### Try it:
Starting with the first line below, extract each line through the one that contains "IFC2X3 demands one", inclusive, excluding pictures.

### Extracted data entries:
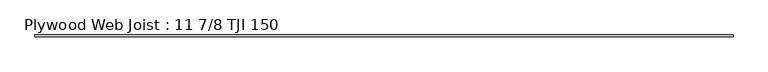
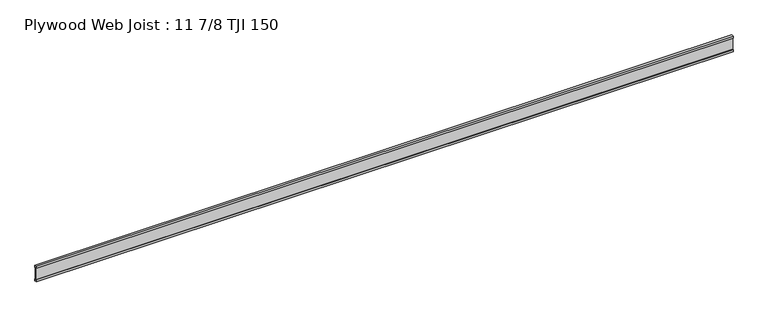
"""IFC4 building model written with IfcOpenShell, lengths in millimetres: beam geometry, Plywood Web Joist : 11 7/8 TJI 150."""

import ifcopenshell
import ifcopenshell.guid

model = None  # the IFC model being written
_history = None  # IfcOwnerHistory: only IFC2X3 demands one
_inside = {}  # id of a spatial element -> (the spatial element, [elements in it])
_under = {}  # id of a project, library or spatial element -> (it, [spatial elements below it])
_declared = {}  # id of a project -> (the project, [libraries it declares])
_typed = {}  # id of a type object -> (the type object, [elements of that type])
_made_of = {}  # id of a material, layer set ... -> (it, [elements and type objects made of it])


def new_model(schema):
    """Start an empty IFC model of exactly this schema.

    Asked for "IFC4X3", IfcOpenShell would pick the latest addendum, in which some entities
    have other attributes; the version numbers below select the first issue.
    IFC2X3 requires an IfcOwnerHistory on every rooted entity: one is made here for all.
    """
    global model, _history
    if schema == "IFC4X3":
        model = ifcopenshell.file(schema_version=(4, 3, 0, 0))
    else:
        model = ifcopenshell.file(schema=schema)
    _inside.clear()
    _under.clear()
    _declared.clear()
    _typed.clear()
    _made_of.clear()
    _history = None
    if model.schema == "IFC2X3":
        org = make("IfcOrganization", Name="unknown")
        user = make(
            "IfcPersonAndOrganization",
            ThePerson=make("IfcPerson", FamilyName="unknown"),
            TheOrganization=org,
        )
        app = make(
            "IfcApplication",
            ApplicationDeveloper=org,
            Version="unknown",
            ApplicationFullName="unknown",
            ApplicationIdentifier="unknown",
        )
        _history = make(
            "IfcOwnerHistory",
            OwningUser=user,
            OwningApplication=app,
            ChangeAction="ADDED",
            CreationDate=0,
        )
    return model


def make(cls, **values):
    """One entity of the class cls with the attributes given. An attribute that is None is left unset."""
    return model.create_entity(
        cls, **{name: value for name, value in values.items() if value is not None}
    )


def rooted(cls, **values):
    """An entity with a GlobalId (a new one), such as an element, a storey or a relation."""
    return make(cls, GlobalId=ifcopenshell.guid.new(), OwnerHistory=_history, **values)


def si_unit(unit_type, name, prefix=None):
    """IfcSIUnit, for example si_unit("LENGTHUNIT", "METRE", prefix="MILLI")."""
    return make("IfcSIUnit", UnitType=unit_type, Prefix=prefix, Name=name)


def assignment(units):
    """IfcUnitAssignment: the units of a project."""
    return None if units is None else make("IfcUnitAssignment", Units=units)


def point(xyz):
    """IfcCartesianPoint."""
    return None if xyz is None else make("IfcCartesianPoint", Coordinates=xyz)


def direction(xyz):
    """IfcDirection."""
    return None if xyz is None else make("IfcDirection", DirectionRatios=xyz)


def frame(location, z_axis=None, x_axis=None):
    """IfcAxis2Placement3D, a coordinate frame: its origin and axes. An axis left out is left unset."""
    return make(
        "IfcAxis2Placement3D",
        Location=point(location),
        Axis=direction(z_axis),
        RefDirection=direction(x_axis),
    )


def origin():
    """The frame at (0, 0, 0) with its axes left unset."""
    return frame((0.0, 0.0, 0.0))


def place(relative_to, where):
    """IfcLocalPlacement: puts the frame where relative to a parent placement (None: the world)."""
    return make(
        "IfcLocalPlacement", PlacementRelTo=relative_to, RelativePlacement=where
    )


def context(
    kind, dimensions, precision=None, world=None, true_north=None, identifier=None
):
    """IfcGeometricRepresentationContext, for example the 3D "Model" context."""
    return make(
        "IfcGeometricRepresentationContext",
        ContextIdentifier=identifier,
        ContextType=kind,
        CoordinateSpaceDimension=dimensions,
        Precision=precision,
        WorldCoordinateSystem=world,
        TrueNorth=true_north,
    )


def project(units=None, contexts=None):
    """IfcProject with its units and contexts."""
    return rooted(
        "IfcProject",
        Name="project",
        RepresentationContexts=contexts,
        UnitsInContext=assignment(units),
    )


def spatial(cls, under=None, at=None, **own):
    """A site, building, storey or space (cls), placed at a placement, below another one or the project."""
    s = rooted(cls, ObjectPlacement=at, **own)
    if under is not None:
        _under.setdefault(under.id(), (under, []))[1].append(s)
    return s


def polyline(points):
    """IfcPolyline through the points."""
    return make("IfcPolyline", Points=[point(p) for p in points])


def outline(outer, holes=None, kind="AREA"):
    """IfcArbitraryClosedProfileDef: a profile drawn as a closed curve; with holes, ...WithVoids."""
    if holes is None:
        return make("IfcArbitraryClosedProfileDef", ProfileType=kind, OuterCurve=outer)
    return make(
        "IfcArbitraryProfileDefWithVoids",
        ProfileType=kind,
        OuterCurve=outer,
        InnerCurves=holes,
    )


def extrude(swept, where, along, depth):
    """IfcExtrudedAreaSolid: the profile swept, set in the frame where, extruded along a direction by depth."""
    return make(
        "IfcExtrudedAreaSolid",
        SweptArea=swept,
        Position=where,
        ExtrudedDirection=direction(along),
        Depth=depth,
    )


def shape(context_of_items, identifier, shape_type, items):
    """IfcShapeRepresentation: the items that make up one representation, for example the "Body"."""
    return make(
        "IfcShapeRepresentation",
        ContextOfItems=context_of_items,
        RepresentationIdentifier=identifier,
        RepresentationType=shape_type,
        Items=items,
    )


def source(mapping_origin, context_of_items, identifier, shape_type, items):
    """IfcRepresentationMap: a shape defined once, which mapped items show again and again."""
    return make(
        "IfcRepresentationMap",
        MappingOrigin=mapping_origin,
        MappedRepresentation=shape(context_of_items, identifier, shape_type, items),
    )


def transform(
    local_origin,
    x_axis=None,
    y_axis=None,
    z_axis=None,
    scale=None,
    scale2=None,
    scale3=None,
    uniform=True,
):
    """IfcCartesianTransformationOperator3D, or its non-uniform kind. x_axis, y_axis, z_axis: its Axis1, 2, 3."""
    if uniform:
        return make(
            "IfcCartesianTransformationOperator3D",
            Axis1=direction(x_axis),
            Axis2=direction(y_axis),
            LocalOrigin=point(local_origin),
            Scale=scale,
            Axis3=direction(z_axis),
        )
    return make(
        "IfcCartesianTransformationOperator3DnonUniform",
        Axis1=direction(x_axis),
        Axis2=direction(y_axis),
        LocalOrigin=point(local_origin),
        Scale=scale,
        Axis3=direction(z_axis),
        Scale2=scale2,
        Scale3=scale3,
    )


def mapped(mapping_source, mapping_target):
    """IfcMappedItem: shows the shape of a source again, moved by a transform."""
    return make(
        "IfcMappedItem", MappingSource=mapping_source, MappingTarget=mapping_target
    )


def made_of(thing, what):
    """Note that an element or type object is made of a material, layer set ...; save() writes the relation."""
    if what is not None:
        _made_of.setdefault(what.id(), (what, []))[1].append(thing)
    return thing


def element(
    cls,
    number,
    at=None,
    inside=None,
    cuts=None,
    type_object=None,
    material=None,
    context=None,
    identifier="Body",
    shape_type=None,
    held_by="IfcProductDefinitionShape",
    body=None,
    shapes=None,
    **own,
):
    """One element of the class cls, such as IfcWall. Its Tag is "e" and its number.

    at: its placement. inside: the storey or other place that contains it. cuts: it is an
    opening in that element (IfcRelVoidsElement). A single representation is given by context,
    identifier, shape_type and body (its items); several are given by shapes. held_by: the class
    of the entity that holds the representations. save() writes the other relations.
    """
    e = rooted(cls, Tag="e%d" % number, ObjectPlacement=at, **own)
    if body is not None:
        shapes = [shape(context, identifier, shape_type, body)]
    if shapes is not None:
        e.Representation = make(held_by, Representations=shapes)
    if inside is not None:
        _inside.setdefault(inside.id(), (inside, []))[1].append(e)
    if cuts is not None:
        rooted(
            "IfcRelVoidsElement", RelatingBuildingElement=cuts, RelatedOpeningElement=e
        )
    if type_object is not None:
        _typed.setdefault(type_object.id(), (type_object, []))[1].append(e)
    return made_of(e, material)


def aggregate(whole, parts):
    """IfcRelAggregates: a whole, such as a stair, and the parts it consists of."""
    return rooted("IfcRelAggregates", RelatingObject=whole, RelatedObjects=parts)


def save(model, path):
    """Write the relations noted so far, then the file.

    IfcRelAggregates (storeys below a building ...), IfcRelContainedInSpatialStructure (elements
    in a storey), IfcRelDefinesByType, IfcRelAssociatesMaterial and IfcRelDeclares: one each for
    every whole, place, type object, material and project.
    """
    for whole, parts in _under.values():
        aggregate(whole, parts)
    for where, things in _inside.values():
        rooted(
            "IfcRelContainedInSpatialStructure",
            RelatedElements=things,
            RelatingStructure=where,
        )
    for kind, things in _typed.values():
        rooted("IfcRelDefinesByType", RelatedObjects=things, RelatingType=kind)
    for what, things in _made_of.values():
        rooted("IfcRelAssociatesMaterial", RelatedObjects=things, RelatingMaterial=what)
    for by, libraries in _declared.values():
        rooted("IfcRelDeclares", RelatingContext=by, RelatedDefinitions=libraries)
    model.write(path)


def plywood_web_joist_11_7_8_tji_150_6827b9fe(model_context):
    return source(origin(), model_context, "Body", "SweptSolid", [
        extrude(outline(polyline([(-19.05, 150.8125), (19.05, 150.8125), (19.05, 112.7125), (4.7625, 112.7125), (4.7625, 119.0625), (-4.7625, 119.0625), (-4.7625, 112.7125), (-19.05, 112.7125), (-19.05, 150.8125)])), frame((-6407.15, 0.0, 0.0), z_axis=(1.0, 0.0, 0.0), x_axis=(0.0, 1.0, 0.0)), (0.0, 0.0, 1.0), 12812.7125),
        extrude(outline(polyline([(19.05, -112.7125), (19.05, -150.8125), (-19.05, -150.8125), (-19.05, -112.7125), (-4.7625, -112.7125), (-4.7625, -118.3285374), (4.7625, -118.3285374), (4.7625, -112.7125), (19.05, -112.7125)])), frame((-6407.15, 0.0, 0.0), z_axis=(1.0, 0.0, 0.0), x_axis=(0.0, 1.0, 0.0)), (0.0, 0.0, 1.0), 12812.7125),
        extrude(outline(polyline([(6405.5625, 4.7625), (6405.5625, -4.7625), (-6407.15, -4.7625), (-6407.15, 4.7625), (6405.5625, 4.7625)])), frame((0.0, 0.0, -118.3285374), z_axis=(0.0, 0.0, 1.0), x_axis=(1.0, 0.0, 0.0)), (0.0, 0.0, 1.0), 237.3910374),
    ])


if __name__ == "__main__":
    model = new_model("IFC4")
    model_context = context("Model", 3, world=origin())
    ifc_project = project(units=[si_unit("LENGTHUNIT", "METRE", prefix="MILLI")], contexts=[model_context])
    site = spatial("IfcSite", under=ifc_project)
    building = spatial("IfcBuilding", under=site)
    placement = place(None, origin())
    plywood_web_joist_11_7_8_tji_150_shape = plywood_web_joist_11_7_8_tji_150_6827b9fe(model_context)
    element("IfcBeam", 1, ObjectType="Plywood Web Joist : 11 7/8 TJI 150", at=placement, inside=building, context=model_context, shape_type="MappedRepresentation", body=[
        mapped(plywood_web_joist_11_7_8_tji_150_shape, transform((0.0, 0.0, 0.0), x_axis=(1.0, 0.0, 0.0), y_axis=(0.0, 1.0, 0.0), z_axis=(0.0, 0.0, 1.0))),
    ])
    save(model, "model.ifc")

# Revit data of these elements
# Type "Plywood Web Joist : 11 7/8 TJI 150"
#   Assembly Code = "B10"
#   Cost = 17.5
#   Length [instance default] = 5' - 0"
#   b = 0' - 1 1/2"
#   d = 0' - 11 7/8"
#   Structural Material [instance default] = Softwood, Lumber
# Element 1 (IfcBeam, "Plywood Web Joist : 11 7/8 TJI 150")
#   Structural Material = Douglas Fir #2
#   Materials on its faces: "Douglas Fir #2"
# Materials
#   "Softwood, Lumber": class "Wood", colour RGB 223 192 134, transparency 0, Description = "Pinus Echinata", Cost = 0
#   "Douglas Fir #2": class "Wood", colour RGB 223 192 134, transparency 0, Description = "Pinus Echinata", Cost = 0

### Response to this task:
"""IFC4 building model written with IfcOpenShell, lengths in millimetres: beam geometry, Plywood Web Joist : 11 7/8 TJI 150."""

import ifcopenshell
import ifcopenshell.guid

model = None  # the IFC model being written
_history = None  # IfcOwnerHistory: only IFC2X3 demands one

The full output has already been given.